Starting from 581 CE, the Sui dynasty reasserted imperial control over the competing powers that had ruled various regions of China since the decline of the Han dynasty in the third century. Thus immense public works projects were carried out, including the rebuilding of two grand imperial capitals, the excavation of the 2400-kilometer-long Grand Canal, and major improvements to the fortifications that predated the Great Wall. Economically, the long-distance transport of goods and men was a critical component to the interests and sustainability of the ruling house. The movement of goods by land south and southwest from the North China Plain to the Central Plains around Kaifeng and Luoyang followed a path that crossed the Xiao River near Luanzhou (later Zhaozhou and now Zhao County) in today's Hebei province. Flowing west to east through a plain that was relatively low-lying on both sides, the Xiao River was an important artery for transporting goods, but an impediment to continuous overland movement and the economic integration of China's regions.

It was under these circumstances that Li Chun, who directed masons and other craftsmen, built the Anji (Safe Passage) Bridge, also called Dashi (Great Stone) Bridge. Although Chinese history credits Li Chun with the design and building of the Anji Bridge, no contemporaneous materials recorded the process, however later chronicles do make notes of it in brief.

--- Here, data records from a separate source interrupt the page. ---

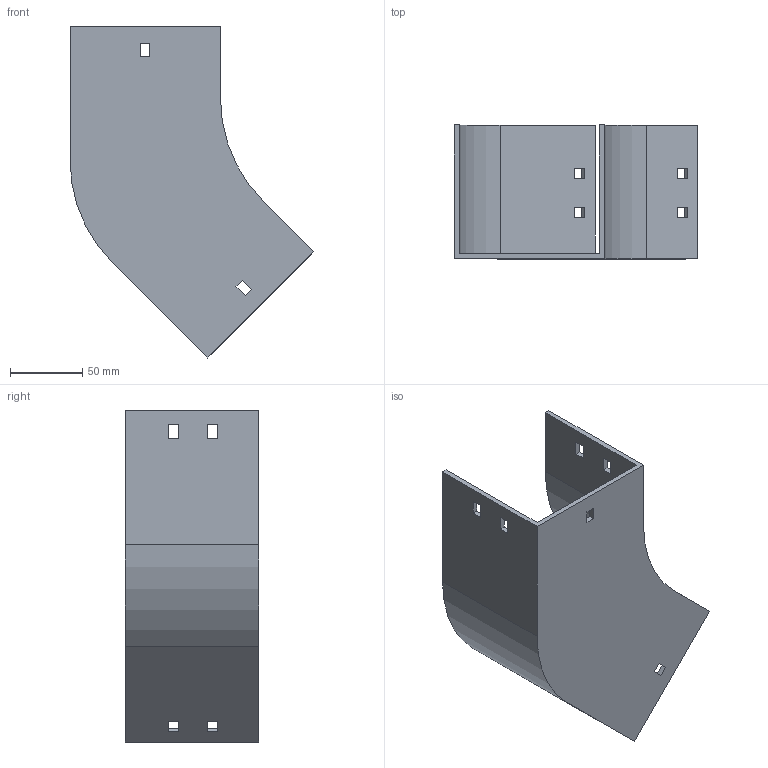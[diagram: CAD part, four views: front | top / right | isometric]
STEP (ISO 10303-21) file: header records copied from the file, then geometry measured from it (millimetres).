
FILE_DESCRIPTION (( 'STEP AP214' ), '1' );
FILE_NAME ('11B1I100.step', '2025-02-21T09:39:02', ( '' ), ( '' ), 'SwSTEP 2.0', 'SolidWorks 2023', '' );
FILE_SCHEMA (( 'AUTOMOTIVE_DESIGN' ));
Length unit declared in the file: millimetre
Products named in the file (1): 11B1I100
Bounding box: 168.64 x 92.5 x 229.61 mm (x, y, z)
Volume: 217933.7 mm3; surface area: 129227.9 mm2
Topology: 1 solids, 1 shells, 58 faces, 168 edges, 112 vertices
Faces by surface type: plane 54, cylinder 4
Entity records: 1943 total; most frequent: CARTESIAN_POINT 339, ORIENTED_EDGE 336, DIRECTION 294, EDGE_CURVE 168, VECTOR 160, LINE 160, VERTEX_POINT 112, EDGE_LOOP 78

The Anji Bridge is among the most remarkable achievements of Chinese bridge building for exhibiting a segmental arch design of wholly stone construction. This innovation, which occurred between the end of the sixth century and beginning of the seventh century, repudiated conventional wisdom that a semicircular arch was necessary to transfer the weight of a bridge downwards to where the arch tangentially meets the pier. The double pair of openings piercing both ends of the arch spandrel, which as well as accentuating its lithe curvature, lightens the weight of the bridge and facilitates the diversion of flood waters by allowing them to pass through the auxiliary arches rather than pound against the spandrels. The Zhaozhou Bridge is celebrated as China's oldest standing bridge and the oldest open spandrel stone bridge in the world.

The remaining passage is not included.